Directions ->
Where the line containing "placement = place(None, origin())" appears, end the copy there, keeping that line; start from the first line of the entries, copy exactly, and omit pictures.

===

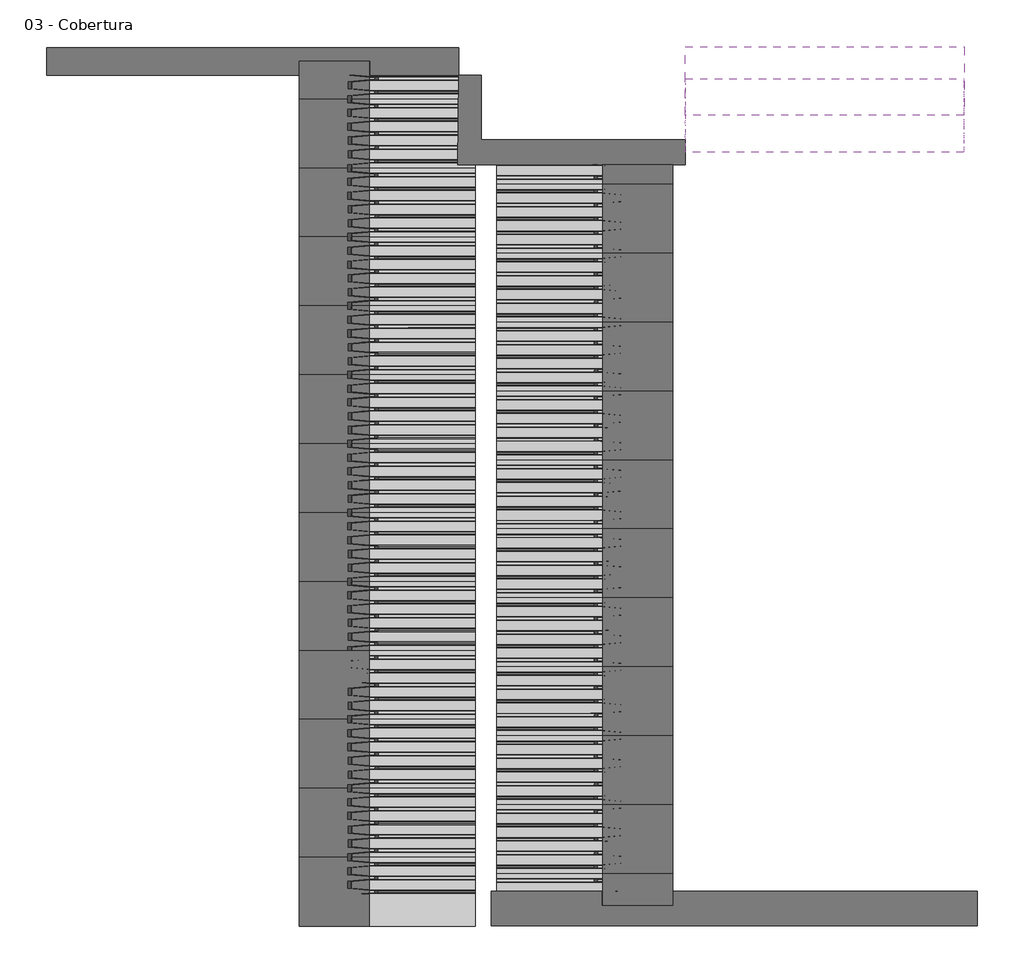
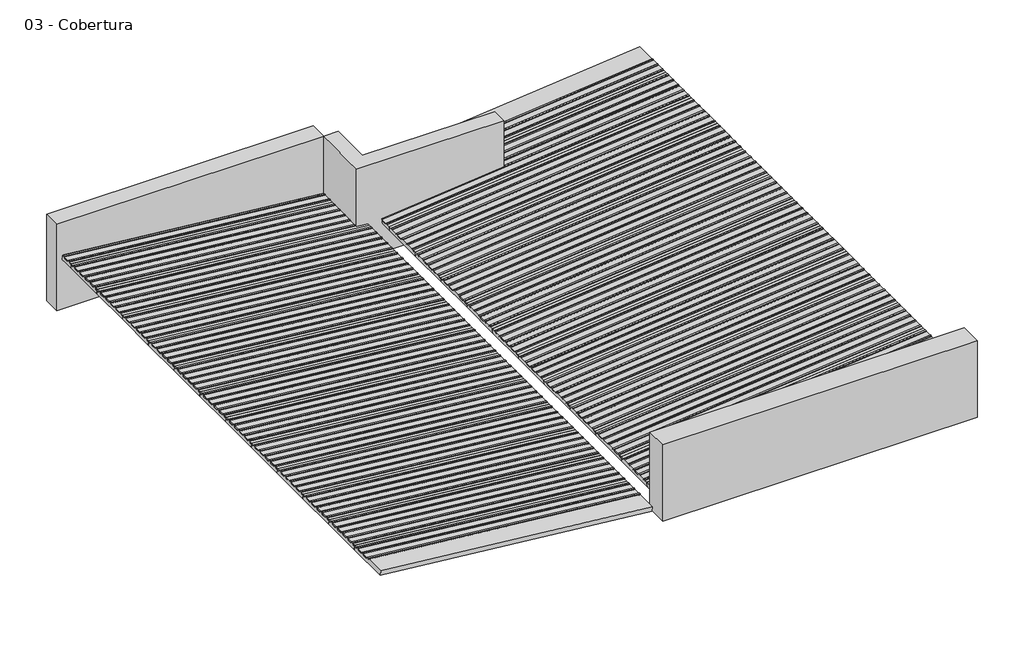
# One storey: 26 plates, 24 members, 3 proxies.
"""IFC4 building model written with IfcOpenShell, lengths in millimetres."""

from ifc_helpers import new_model, si_unit, frame, origin, place, context, project, spatial, polyline, outline, extrude, faceted_brep, transform, mapped, element, save
from components import rectangular_mullion_da0ee43c, rectangular_mullion_734f26e5, rectangular_mullion_4691f95d, empty_system_panel_vazio_dedfbf92, empty_system_panel_vazio_ec835984, empty_system_panel_vazio_4c0d4a5d, empty_system_panel_vazio_c402e9f3, empty_system_panel_vazio_1ed3ce67, empty_system_panel_vazio_27755461, empty_system_panel_vazio_4ffc9ecd, empty_system_panel_vazio_c31b6ba7

model = new_model("IFC4")

# Units and contexts
model_context = context("Model", 3, world=origin())
ifc_project = project(units=[si_unit("LENGTHUNIT", "METRE", prefix="MILLI")], contexts=[model_context])

# Site, building, storey
site = spatial("IfcSite", under=ifc_project)
building = spatial("IfcBuilding", under=site)
storey = spatial("IfcBuildingStorey", under=building, Name="03 - Cobertura", Elevation=5250.0)

# Proxies
placement = place(None, origin())
element("IfcBuildingElementProxy", 1, Name="Telha Metálica 04 : Telha Metálica 04", ObjectType="Telha Metálica 04 : Telha Metálica 04", at=placement, inside=storey, context=model_context, shape_type="SweptSolid", body=[
    extrude(outline(polyline([(35288.0559474, 12603.4881448), (35288.0559474, 12109.3390553), (28377.2522829, 12109.3390553), (28377.2522829, 12603.4881448), (35288.0559474, 12603.4881448)])), frame((0.0, 0.0, 5874.2276288), z_axis=(0.0, 0.0, 1.0), x_axis=(1.0, 0.0, 0.0)), (0.0, 0.0, 1.0), 1775.7723712),
])
element("IfcBuildingElementProxy", 2, Name="Telha Metálica 05 : Telha Metálica 05", ObjectType="Telha Metálica 05 : Telha Metálica 05", at=placement, inside=storey, context=model_context, shape_type="SweptSolid", body=[
    extrude(outline(polyline([(31135.4510067, 22933.0875158), (27896.5325969, 22933.0875158), (27911.4922793, 24203.2353441), (28231.4922793, 24203.2353441), (28231.4922793, 23283.2353441), (31135.4510067, 23283.2353441), (31135.4510067, 22933.0875158)])), frame((0.0, 0.0, 5525.9759325), z_axis=(0.0, 0.0, 1.0), x_axis=(1.0, 0.0, 0.0)), (0.0, 0.0, 1.0), 2124.0240675),
])
element("IfcBuildingElementProxy", 3, Name="Telha Metálica 12 : Telha Metálica 12", ObjectType="Telha Metálica 12 : Telha Metálica 12", at=placement, inside=storey, context=model_context, shape_type="SweptSolid", body=[
    extrude(outline(polyline([(27911.5028085, 24203.1812787), (22051.1496531, 24203.1812787), (22051.1496531, 24595.1469674), (27911.5028085, 24595.1469674), (27911.5028085, 24203.1812787)])), frame((0.0, 0.0, 5643.7783394), z_axis=(0.0, 0.0, 1.0), x_axis=(1.0, 0.0, 0.0)), (0.0, 0.0, 1.0), 2006.2216606),
])

# Members
element("IfcMember", 4, ObjectType="Rectangular Mullion : Telha Metálica - Trapezoidal", at=placement, inside=storey, context=model_context, shape_type="Brep", body=[
    faceted_brep([(22173.6255801, 23323.5556818, 6871.7592691), (22177.4096723, 23357.5225076, 6909.6001913), (22177.4124509, 23389.5224955, 6909.627978), (22175.4611164, 23407.0997222, 6890.1146322), (22175.1084678, 23403.5618279, 6886.5881462), (22176.9147384, 23387.2913076, 6904.6508527), (22176.912348, 23359.7624221, 6904.6269485), (22173.1282558, 23325.7955963, 6866.7860263), (22173.1195315, 23225.3245306, 6866.6987839), (22176.8977191, 23191.2913823, 6904.4806593), (22176.8953287, 23163.7624967, 6904.4567551), (22173.1112364, 23129.7956709, 6866.6158329), (22173.1025122, 23029.3246052, 6866.5285905), (22176.8806997, 22995.2914569, 6904.3104659), (22176.8783093, 22967.7625714, 6904.2865617), (22173.0942171, 22933.7957456, 6866.4456395), (22173.0854929, 22833.3246798, 6866.3583971), (22176.8636804, 22799.2915315, 6904.1402725), (22176.86129, 22771.762646, 6904.1163683), (22173.0771978, 22737.7958202, 6866.2754461), (22173.0684735, 22637.3247545, 6866.1882037), (22176.8466611, 22603.2916062, 6903.9700792), (22176.8442706, 22575.7627206, 6903.9461749), (22173.0601784, 22541.7958948, 6866.1052527), (22173.0514542, 22441.3248291, 6866.0180103), (22176.8296417, 22407.2916808, 6903.7998858), (22176.8272513, 22379.7627953, 6903.7759815), (22175.0202858, 22363.5430845, 6885.7063268), (22175.3723195, 22359.99901, 6889.2266632), (22177.3245756, 22377.5228808, 6908.7492243), (22177.3273542, 22409.5228686, 6908.777011), (22173.5491667, 22443.5560169, 6870.9951355), (22173.5575027, 22539.5559804, 6871.0784956), (22177.3415949, 22573.5228062, 6908.9194177), (22177.3443736, 22605.522794, 6908.9472044), (22173.566186, 22639.5559423, 6871.1653289), (22173.574522, 22735.5559057, 6871.248689), (22177.3586143, 22769.5227315, 6909.0896111), (22177.3613929, 22801.5227194, 6909.1173978), (22173.5832054, 22835.5558677, 6871.3355223), (22173.5915414, 22931.5558311, 6871.4188824), (22177.3756336, 22965.5226569, 6909.2598045), (22177.3784123, 22997.5226447, 6909.2875912), (22173.6002247, 23031.555793, 6871.5057157), (22173.6085607, 23127.5557565, 6871.5890757), (22177.3926529, 23161.5225823, 6909.4299979), (22177.3954316, 23193.5225701, 6909.4577846), (22173.6172441, 23227.5557184, 6871.6759091), (28143.5915414, 22931.5558311, 6274.4188824), (28143.5832054, 22835.5558677, 6274.3355223), (28147.3613929, 22801.5227194, 6312.1173978), (28147.3586143, 22769.5227315, 6312.0896111), (28143.574522, 22735.5559057, 6274.248689), (28143.566186, 22639.5559423, 6274.1653289), (28147.3443736, 22605.522794, 6311.9472044), (28147.3415949, 22573.5228062, 6311.9194177), (28143.5575027, 22539.5559804, 6274.0784956), (28143.5491667, 22443.5560169, 6273.9951355), (28147.3273542, 22409.5228686, 6311.777011), (28147.3245756, 22377.5228808, 6311.7492243), (28145.3723195, 22359.99901, 6292.2266632), (28145.0202858, 22363.5430845, 6288.7063268), (28146.8272513, 22379.7627953, 6306.7759815), (28146.8296417, 22407.2916808, 6306.7998858), (28143.0514542, 22441.3248291, 6269.0180103), (28143.0601784, 22541.7958948, 6269.1052527), (28146.8442706, 22575.7627206, 6306.9461749), (28146.8466611, 22603.2916062, 6306.9700792), (28143.0684735, 22637.3247545, 6269.1882037), (28143.0771978, 22737.7958202, 6269.2754461), (28146.86129, 22771.762646, 6307.1163683), (28146.8636804, 22799.2915315, 6307.1402725), (28143.0854929, 22833.3246798, 6269.3583971), (28143.0941556, 22933.0875158, 6269.4450245), (28143.7621795, 22933.0875158, 6276.1252638), (27901.1314944, 23323.5556818, 6299.0086777), (27901.5315525, 23357.5225076, 6337.1880033), (27901.9084454, 23389.5224955, 6337.1783786), (27902.1154683, 23407.0997222, 6317.449197), (27902.0737993, 23403.5618279, 6313.8916131), (27901.8821667, 23387.2913076, 6332.1541099), (27901.557934, 23359.7624221, 6332.1623899), (27901.1578759, 23325.7955963, 6293.9830643), (27899.9745371, 23225.3245306, 6294.0132833), (27899.5736979, 23191.2913823, 6332.2130615), (27899.2494652, 23163.7624967, 6332.2213414), (27898.8494071, 23129.7956709, 6294.0420158), (27897.6660683, 23029.3246052, 6294.0722348), (27897.2652291, 22995.2914569, 6332.272013), (27896.9409964, 22967.7625714, 6332.280293), (27896.5409383, 22933.7957456, 6294.1009674), (27896.5325969, 22933.0875158, 6294.1011804), (27896.5325969, 22933.0875158, 6300.8482221), (27896.9146149, 22965.5226569, 6337.3059064), (27897.2915078, 22997.5226447, 6337.2962817), (27897.692347, 23031.555793, 6299.0965035), (27898.8230256, 23127.5557565, 6299.0676293), (27899.2230837, 23161.5225823, 6337.2469548), (27899.5999766, 23193.5225701, 6337.2373301), (27900.0008158, 23227.5557184, 6299.0375519)], [[[0, 1, 2, 3, 4, 5, 6, 7, 8, 9, 10, 11, 12, 13, 14, 15, 16, 17, 18, 19, 20, 21, 22, 23, 24, 25, 26, 27, 28, 29, 30, 31, 32, 33, 34, 35, 36, 37, 38, 39, 40, 41, 42, 43, 44, 45, 46, 47]], [[48, 49, 50, 51, 52, 53, 54, 55, 56, 57, 58, 59, 60, 61, 62, 63, 64, 65, 66, 67, 68, 69, 70, 71, 72, 73, 74]], [[1, 0, 75, 76]], [[2, 1, 76, 77]], [[3, 2, 77, 78]], [[4, 3, 78, 79]], [[5, 4, 79, 80]], [[6, 5, 80, 81]], [[7, 6, 81, 82]], [[8, 7, 82, 83]], [[9, 8, 83, 84]], [[10, 9, 84, 85]], [[11, 10, 85, 86]], [[12, 11, 86, 87]], [[13, 12, 87, 88]], [[14, 13, 88, 89]], [[15, 14, 89, 90]], [[16, 15, 90, 91, 73, 72]], [[17, 16, 72, 71]], [[18, 17, 71, 70]], [[19, 18, 70, 69]], [[20, 19, 69, 68]], [[21, 20, 68, 67]], [[22, 21, 67, 66]], [[23, 22, 66, 65]], [[24, 23, 65, 64]], [[25, 24, 64, 63]], [[26, 25, 63, 62]], [[27, 26, 62, 61]], [[28, 27, 61, 60]], [[29, 28, 60, 59]], [[30, 29, 59, 58]], [[31, 30, 58, 57]], [[32, 31, 57, 56]], [[33, 32, 56, 55]], [[34, 33, 55, 54]], [[35, 34, 54, 53]], [[36, 35, 53, 52]], [[37, 36, 52, 51]], [[38, 37, 51, 50]], [[39, 38, 50, 49]], [[40, 39, 49, 48]], [[41, 40, 48, 74, 92, 93]], [[42, 41, 93, 94]], [[43, 42, 94, 95]], [[44, 43, 95, 96]], [[45, 44, 96, 97]], [[46, 45, 97, 98]], [[47, 46, 98, 99]], [[0, 47, 99, 75]], [[92, 91, 90, 89, 88, 87, 86, 85, 84, 83, 82, 81, 80, 79, 78, 77, 76, 75, 99, 98, 97, 96, 95, 94, 93]], [[91, 92, 74, 73]]]),
])
element("IfcMember", 5, ObjectType="Rectangular Mullion : Telha Metálica - Trapezoidal", at=placement, inside=storey, context=model_context, shape_type="Brep", body=[
    faceted_brep([(35095.5800205, 22211.4555207, 6938.4498986), (35091.7959283, 22177.4886949, 6976.2908207), (35091.7931496, 22145.4887071, 6976.3186074), (35093.7444842, 22127.9114804, 6956.8052616), (35094.0971328, 22131.4493747, 6953.2787757), (35092.2908622, 22147.7198949, 6971.3414822), (35092.2932526, 22175.2487805, 6971.3175779), (35096.0773448, 22209.2156063, 6933.4766557), (35096.0860691, 22309.686672, 6933.3894133), (35092.3078815, 22343.7198203, 6971.1712888), (35092.3102719, 22371.2487058, 6971.1473845), (35096.0943642, 22405.2155316, 6933.3064623), (35096.1030884, 22505.6865974, 6933.2192199), (35092.3249009, 22539.7197457, 6971.0010954), (35092.3272913, 22567.2486312, 6970.9771911), (35096.1113835, 22601.215457, 6933.1362689), (35096.1201077, 22701.6865227, 6933.0490265), (35092.3419202, 22735.719671, 6970.830902), (35092.3443106, 22763.2485566, 6970.8069977), (35096.1284028, 22797.2153824, 6932.9660755), (35096.1371271, 22897.6864481, 6932.8788331), (35092.3589395, 22931.7195964, 6970.6607086), (35092.36133, 22959.2484819, 6970.6368043), (35096.1454222, 22993.2153077, 6932.7958821), (35096.1541464, 23093.6863735, 6932.7086397), (35092.3759589, 23127.7195218, 6970.4905152), (35092.3783493, 23155.2484073, 6970.4666109), (35094.1853148, 23171.4681181, 6952.3969562), (35093.8332811, 23175.0121926, 6955.9172927), (35091.881025, 23157.4883218, 6975.4398538), (35091.8782463, 23125.4883339, 6975.4676405), (35095.6564339, 23091.4551856, 6937.685765), (35095.6480979, 22995.4552222, 6937.769125), (35091.8640057, 22961.4883964, 6975.6100472), (35091.861227, 22929.4884086, 6975.6378338), (35095.6394146, 22895.4552603, 6937.8559584), (35095.6310786, 22799.4552968, 6937.9393184), (35091.8469863, 22765.488471, 6975.7802406), (35091.8442077, 22733.4884832, 6975.8080272), (35095.6223952, 22699.4553349, 6938.0261518), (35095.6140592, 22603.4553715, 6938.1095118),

===

Solved exercise ->
# One storey: 26 plates, 24 members, 3 proxies.
"""IFC4 building model written with IfcOpenShell, lengths in millimetres."""

from ifc_helpers import new_model, si_unit, frame, origin, place, context, project, spatial, polyline, outline, extrude, faceted_brep, transform, mapped, element, save
from components import rectangular_mullion_da0ee43c, rectangular_mullion_734f26e5, rectangular_mullion_4691f95d, empty_system_panel_vazio_dedfbf92, empty_system_panel_vazio_ec835984, empty_system_panel_vazio_4c0d4a5d, empty_system_panel_vazio_c402e9f3, empty_system_panel_vazio_1ed3ce67, empty_system_panel_vazio_27755461, empty_system_panel_vazio_4ffc9ecd, empty_system_panel_vazio_c31b6ba7

model = new_model("IFC4")

# Units and contexts
model_context = context("Model", 3, world=origin())
ifc_project = project(units=[si_unit("LENGTHUNIT", "METRE", prefix="MILLI")], contexts=[model_context])

# Site, building, storey
site = spatial("IfcSite", under=ifc_project)
building = spatial("IfcBuilding", under=site)
storey = spatial("IfcBuildingStorey", under=building, Name="03 - Cobertura", Elevation=5250.0)

# Proxies
placement = place(None, origin())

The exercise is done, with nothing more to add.